My
life turned around
Troy strinse nella mano una corda.
Poté percepire
carezzandola la sua ruvidezza mentre grezzamente entrava in contatto
con la sua
mano morbida e delicata. Le sue mani erano grandi e morbide nonostante
il
basket. Sorrise appena mentre con un gesto rapido stringeva in un pugno
la
corda.
Una mano si poggiò stanca
e tremante contro il ramo dell’albero,
la corteccia dura e ruvida gli graffiò le mani. Era strano
come non percepisse
nemmeno i dolori. Era quasi fastidioso quel peso sul cuore, peggio che
sentirsi
trafitto da una lama affilata. In quel momento più di tutti
avrebbe preferito
che una lama gli perforasse la carne arrivando al cuore, uccidendo in
un solo
momento lui e il suo amore.
Come era possibile vivere
così? Senza i suoi passi che
risuonavano rapidi per le scale, magari con una risata e qualche
rimprovero.
Vedere la sua schiena piccola, minuta, con i fianchi morbidi e le gambe
fine.
Che senso aveva andare avanti se la
sua mente lo riattirava
indietro annegandolo nei ricordi?
Annegando nelle lenzuola troppo
grandi, correndo per le
scale per poi fare l’amore in un fruscio tenero di mille
rumori impercettibili,
come il battito dei loro cuori in sincrono, come i loro respiri
sconnessi, lo
strusciare lento e piacevole dei loro corpi, i piccoli sorrisi tra i
baci e le
mani tra i capelli.
Come poteva tutto questo essere
svanito in un battito di
ciglia, in un respiro?
Dissolto come neve al sole. I loro
sogni infranti, il loro
futuro spaccato a metà così come il suo cuore.

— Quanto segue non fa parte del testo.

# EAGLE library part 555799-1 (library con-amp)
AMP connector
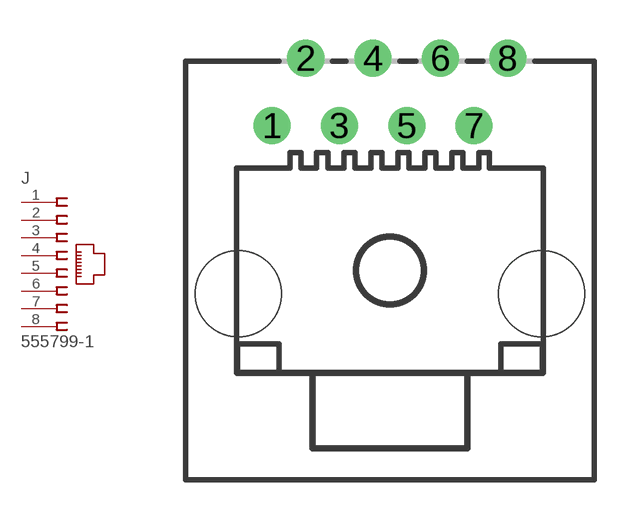
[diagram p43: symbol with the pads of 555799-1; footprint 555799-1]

Designator prefix J

## 555799-1 (MF: TYCO ELECTRONICS; MPN: 5555799-1; OC_FARNELL: 1557722; OC_NEWARK: 42K8767)  [555799-1]
1  1  pas
2  2  pas
3  3  pas
4  4  pas
5  5  pas
6  6  pas
7  7  pas
8  8  pas

## Footprint 555799-1 (pad centres in mm)
Modular Jack without Panel Stops
drill 0.889 round: 1 -4.445,5.461; 2 -3.175,8.001; 3 -1.905,5.461; 4 -0.635,8.001; 5 0.635,5.461; 6 1.905,8.001; 7 3.175,5.461; 8 4.445,8.001
hole 3.251 at -5.715,-0.889
hole 3.251 at 5.715,-0.889
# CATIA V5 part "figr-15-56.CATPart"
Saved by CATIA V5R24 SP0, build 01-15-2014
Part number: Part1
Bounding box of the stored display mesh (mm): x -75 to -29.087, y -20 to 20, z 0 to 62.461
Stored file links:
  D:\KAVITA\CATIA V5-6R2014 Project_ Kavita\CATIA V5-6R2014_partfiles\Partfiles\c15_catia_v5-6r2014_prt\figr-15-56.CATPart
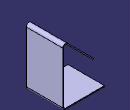
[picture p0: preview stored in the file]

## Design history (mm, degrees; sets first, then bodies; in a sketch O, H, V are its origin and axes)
SheetMetalParameters1: Thickness 1, BendRadius 2, KFactor 0.400515 {= log(min(100,max(20*SheetMetalParameters1.BendRadius,SheetMetalParameters1.Thickness)/SheetMetalParameters1.Thickness))/log(100)/2}, ReliefRadialLength 1, ReliefAxialLength 2, MinimumBendRadius 0
Body1 (main body)
  Sketch1 on xy-plane, origin (0, 0, 0), H (1, 0, 0), V (0, 1, 0)
    line L1 (-75, 20) -> (75, 20)
    line L2 (75, 20) -> (75, -20)
    line L3 (75, -20) -> (-75, -20)
    line L4 (-75, -20) -> (-75, 20)
    distance L1 L3 = 40
    distance L2 L4 = 150
    distance V L2 = 75
    distance H L3 = 20
    horizontal: L1 H, L3 H
    vertical: L2 V, L4 V
  Wall1: Thickness 1, Profile Sketch1
  Sketch2 on face of Wall1, origin (0, 0, 1), H (1, 0, 0), V (0, 1, 0)
    line L1 (-30.2021, 19.5432) -> (-30.2021, -20.6466)
    line L2 (31.0296, 19.5432) -> (31.0296, -20.6466)
    vertical: L1 V, L2 V
  FlatBend1: FlatBendAngle 90, FlatBendAngle 45, Axis Sketch2, FixedPoint vertex [face of Wall1 | face of Wall1 | face of Wall1], FlatBendKFactor 0.400515 {= log(min(100,max(20*FlatBend1.FlatBendRadius,SheetMetalParameters1.Thickness)/SheetMetalParameters1.Thickness))/log(100)/2}, FlatBendKFactor 0.400515 {= log(min(100,max(20*FlatBend1.FlatBendRadius,SheetMetalParameters1.Thickness)/SheetMetalParameters1.Thickness))/log(100)/2}, FlatBendRadius 2 {= SheetMetalParameters1.BendRadius}, FlatBendRadius 2 {= SheetMetalParameters1.BendRadius}

Marchiato a fuoco da una grande
ferita, da un’enorme taglio, rotto definitivamente senza un
motivo.
Loro due che erano perfetti, loro due
che avevano gettato il
resto del mondo nel cestino dedicandosi solamente l’uno
all’altra. Lui era
perfetto, grazie a lei che lo rendeva tale. E lei…lei non
era perfetta, lei era
divina, lei era tutto. La perfezione era banale se paragonata a lei,
per questo
lui era banale con lei. Ma erano perfetti insieme. Erano una persona
sola.
Ma ora di quella persona era rimasto
solo un cuore ferito e
dolorante, che scandiva gli ultimi battiti di un tempo già
sprecato, consumato,
corroso. Come lui.
Lui che non era più in
grado di essere perfetto, lui che era
tutto un danno se lei non era lì a correggerlo. Lui che non
era più in grado di
amare. Nel suo cuore solo un posto rimaneva, per colui che ancora lo
incoraggiava e lo spingeva ad andare avanti. Una persona a cui doveva
tutto: il
suo migliore amico, Chad.
Ma anche con Chad al fianco la vita,
che non sembrava più un
inferno, era un purgatorio. Un immenso vagare cercare disperatamente
una
persona che potesse curare quel cuore, qualcuno che lo potesse risanare.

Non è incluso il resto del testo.